▸ TASK GOAL: Look through the entries for the string "CIRCLE" and copy every line where it shows up.

Stored records
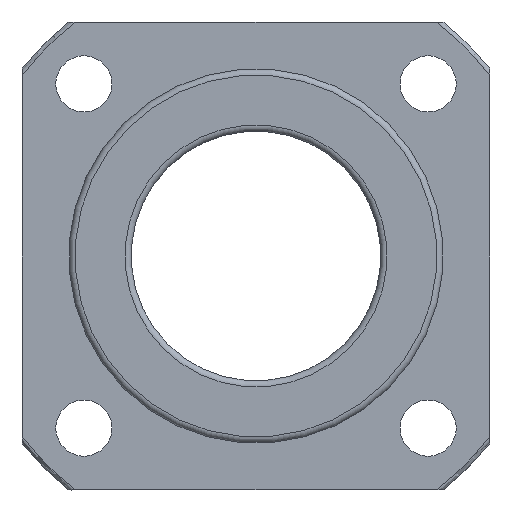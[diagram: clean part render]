
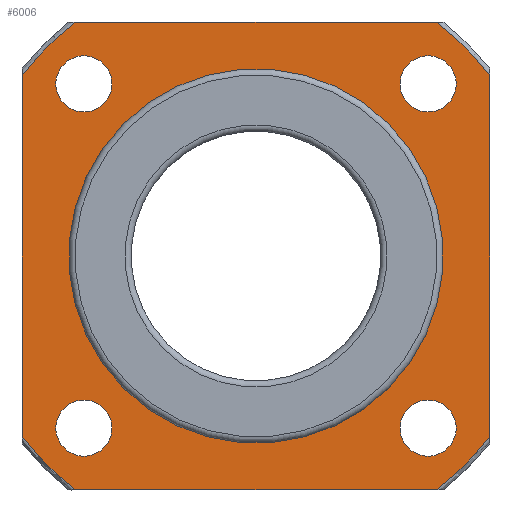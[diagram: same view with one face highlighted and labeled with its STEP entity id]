
A CAD part, left-side view. The second image highlights one B-rep face of the part: STEP entity #6006.
In plain terms, the highlighted planar face has unit normal (-1, 0, 0).
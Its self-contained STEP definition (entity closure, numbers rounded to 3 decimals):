
#117=CIRCLE('',#6373,47.35);
#120=CIRCLE('',#6379,47.35);
#124=CIRCLE('',#6386,47.35);
#127=CIRCLE('',#6393,47.35);
#128=CIRCLE('',#6395,4.5);
#129=CIRCLE('',#6396,4.5);
#130=CIRCLE('',#6397,4.5);
#131=CIRCLE('',#6398,4.5);
#132=CIRCLE('',#6399,30.);
#588=ORIENTED_EDGE('',*,*,#2313,.T.);
#589=ORIENTED_EDGE('',*,*,#2314,.T.);
#590=ORIENTED_EDGE('',*,*,#2315,.T.);
#591=ORIENTED_EDGE('',*,*,#2316,.T.);
#592=ORIENTED_EDGE('',*,*,#2317,.F.);
#593=ORIENTED_EDGE('',*,*,#2283,.T.);
#594=ORIENTED_EDGE('',*,*,#2318,.T.);
#595=ORIENTED_EDGE('',*,*,#2291,.T.);
#596=ORIENTED_EDGE('',*,*,#2319,.T.);
#597=ORIENTED_EDGE('',*,*,#2310,.T.);
#598=ORIENTED_EDGE('',*,*,#2320,.T.);
#599=ORIENTED_EDGE('',*,*,#2301,.T.);
#600=ORIENTED_EDGE('',*,*,#2321,.T.);
#2283=EDGE_CURVE('',#3150,#3149,#117,.T.);
#2291=EDGE_CURVE('',#3155,#3156,#120,.T.);
#2301=EDGE_CURVE('',#3163,#3164,#124,.T.);
#2310=EDGE_CURVE('',#3168,#3169,#127,.T.);
#2313=EDGE_CURVE('',#3170,#3170,#128,.T.);
#2314=EDGE_CURVE('',#3171,#3171,#129,.T.);
#2315=EDGE_CURVE('',#3172,#3172,#130,.T.);
#2316=EDGE_CURVE('',#3173,#3173,#131,.T.);
#2317=EDGE_CURVE('',#3174,#3174,#132,.T.);
#2318=EDGE_CURVE('',#3149,#3155,#3685,.T.);
#2319=EDGE_CURVE('',#3156,#3168,#3686,.T.);
#2320=EDGE_CURVE('',#3169,#3163,#3687,.T.);
#2321=EDGE_CURVE('',#3164,#3150,#3688,.T.);
#3149=VERTEX_POINT('',#9428);
#3150=VERTEX_POINT('',#9430);
#3155=VERTEX_POINT('',#9458);
#3156=VERTEX_POINT('',#9459);
#3163=VERTEX_POINT('',#9495);
#3164=VERTEX_POINT('',#9496);
#3168=VERTEX_POINT('',#9529);
#3169=VERTEX_POINT('',#9530);
#3170=VERTEX_POINT('',#9543);
#3171=VERTEX_POINT('',#9545);
#3172=VERTEX_POINT('',#9547);
#3173=VERTEX_POINT('',#9549);
#3174=VERTEX_POINT('',#9551);
#3685=LINE('',#9552,#4381);
#3686=LINE('',#9553,#4382);
#3687=LINE('',#9554,#4383);
#3688=LINE('',#9555,#4384);
#4381=VECTOR('',#6995,1000.);
#4382=VECTOR('',#6996,1000.);
#4383=VECTOR('',#6997,1000.);
#4384=VECTOR('',#6998,1000.);
#4923=EDGE_LOOP('',(#588));
#4924=EDGE_LOOP('',(#589));
#4925=EDGE_LOOP('',(#590));
#4926=EDGE_LOOP('',(#591));
#4927=EDGE_LOOP('',(#592));
#4928=EDGE_LOOP('',(#593,#594,#595,#596,#597,#598,#599,#600));
#5353=FACE_BOUND('',#4923,.T.);
#5354=FACE_BOUND('',#4924,.T.);
#5355=FACE_BOUND('',#4925,.T.);
#5356=FACE_BOUND('',#4926,.T.);
#5357=FACE_BOUND('',#4927,.T.);
#5358=FACE_BOUND('',#4928,.T.);
#5726=PLANE('',#6394);
#6006=ADVANCED_FACE('',(#5353,#5354,#5355,#5356,#5357,#5358),#5726,.F.);
#6373=AXIS2_PLACEMENT_3D('',#9429,#6935,#6936);
#6379=AXIS2_PLACEMENT_3D('',#9457,#6949,#6950);
#6386=AXIS2_PLACEMENT_3D('',#9494,#6965,#6966);
#6393=AXIS2_PLACEMENT_3D('',#9528,#6981,#6982);
#6394=AXIS2_PLACEMENT_3D('',#9541,#6983,#6984);
#6395=AXIS2_PLACEMENT_3D('',#9542,#6985,#6986);
#6396=AXIS2_PLACEMENT_3D('',#9544,#6987,#6988);
#6397=AXIS2_PLACEMENT_3D('',#9546,#6989,#6990);
#6398=AXIS2_PLACEMENT_3D('',#9548,#6991,#6992);
#6399=AXIS2_PLACEMENT_3D('',#9550,#6993,#6994);
#6935=DIRECTION('',(-1.,0.,0.));
#6936=DIRECTION('',(0.,-0.707,0.707));
#6949=DIRECTION('',(-1.,0.,0.));
#6950=DIRECTION('',(0.,-0.707,0.707));
#6965=DIRECTION('',(-1.,0.,0.));
#6966=DIRECTION('',(0.,-0.707,0.707));
#6981=DIRECTION('',(-1.,0.,0.));
#6982=DIRECTION('',(0.,-0.707,0.707));
#6983=DIRECTION('',(1.,0.,0.));
#6984=DIRECTION('',(0.,0.707,-0.707));
#6985=DIRECTION('',(1.,0.,0.));
#6986=DIRECTION('',(0.,0.707,-0.707));
#6987=DIRECTION('',(1.,0.,0.));
#6988=DIRECTION('',(0.,0.707,-0.707));
#6989=DIRECTION('',(1.,0.,0.));
#6990=DIRECTION('',(0.,0.707,-0.707));
#6991=DIRECTION('',(1.,0.,0.));
#6992=DIRECTION('',(0.,0.707,-0.707));
#6993=DIRECTION('',(-1.,0.,0.));
#6994=DIRECTION('',(0.,-0.707,0.707));
#6995=DIRECTION('',(0.,0.,-1.));
#6996=DIRECTION('',(0.,-1.,0.));
#6997=DIRECTION('',(0.,0.,1.));
#6998=DIRECTION('',(0.,1.,0.));
#9428=CARTESIAN_POINT('',(-13.,37.5,28.91));
#9429=CARTESIAN_POINT('',(-13.,0.,0.));
#9430=CARTESIAN_POINT('',(-13.,28.91,37.5));
#9457=CARTESIAN_POINT('',(-13.,0.,0.));
#9458=CARTESIAN_POINT('',(-13.,37.5,-28.91));
#9459=CARTESIAN_POINT('',(-13.,28.91,-37.5));
#9494=CARTESIAN_POINT('',(-13.,0.,0.));
#9495=CARTESIAN_POINT('',(-13.,-37.5,28.91));
#9496=CARTESIAN_POINT('',(-13.,-28.91,37.5));
#9528=CARTESIAN_POINT('',(-13.,0.,0.));
#9529=CARTESIAN_POINT('',(-13.,-28.91,-37.5));
#9530=CARTESIAN_POINT('',(-13.,-37.5,-28.91));
#9541=CARTESIAN_POINT('',(-13.,33.482,33.482));
#9542=CARTESIAN_POINT('',(-13.,27.577,-27.577));
#9543=CARTESIAN_POINT('',(-13.,30.759,-30.759));
#9544=CARTESIAN_POINT('',(-13.,-27.577,-27.577));
#9545=CARTESIAN_POINT('',(-13.,-24.395,-30.759));
#9546=CARTESIAN_POINT('',(-13.,-27.577,27.577));
#9547=CARTESIAN_POINT('',(-13.,-24.395,24.395));
#9548=CARTESIAN_POINT('',(-13.,27.577,27.577));
#9549=CARTESIAN_POINT('',(-13.,30.759,24.395));
#9550=CARTESIAN_POINT('',(-13.,0.,0.));
#9551=CARTESIAN_POINT('',(-13.,-21.213,21.213));
#9552=CARTESIAN_POINT('',(-13.,37.5,33.482));
#9553=CARTESIAN_POINT('',(-13.,33.482,-37.5));
#9554=CARTESIAN_POINT('',(-13.,-37.5,33.482));
#9555=CARTESIAN_POINT('',(-13.,33.482,37.5));

▸ RESULT OF THIS EXERCISE:
#117=CIRCLE('',#6373,47.35);
#120=CIRCLE('',#6379,47.35);
#124=CIRCLE('',#6386,47.35);
#127=CIRCLE('',#6393,47.35);
#128=CIRCLE('',#6395,4.5);
#129=CIRCLE('',#6396,4.5);
#130=CIRCLE('',#6397,4.5);
#131=CIRCLE('',#6398,4.5);
#132=CIRCLE('',#6399,30.);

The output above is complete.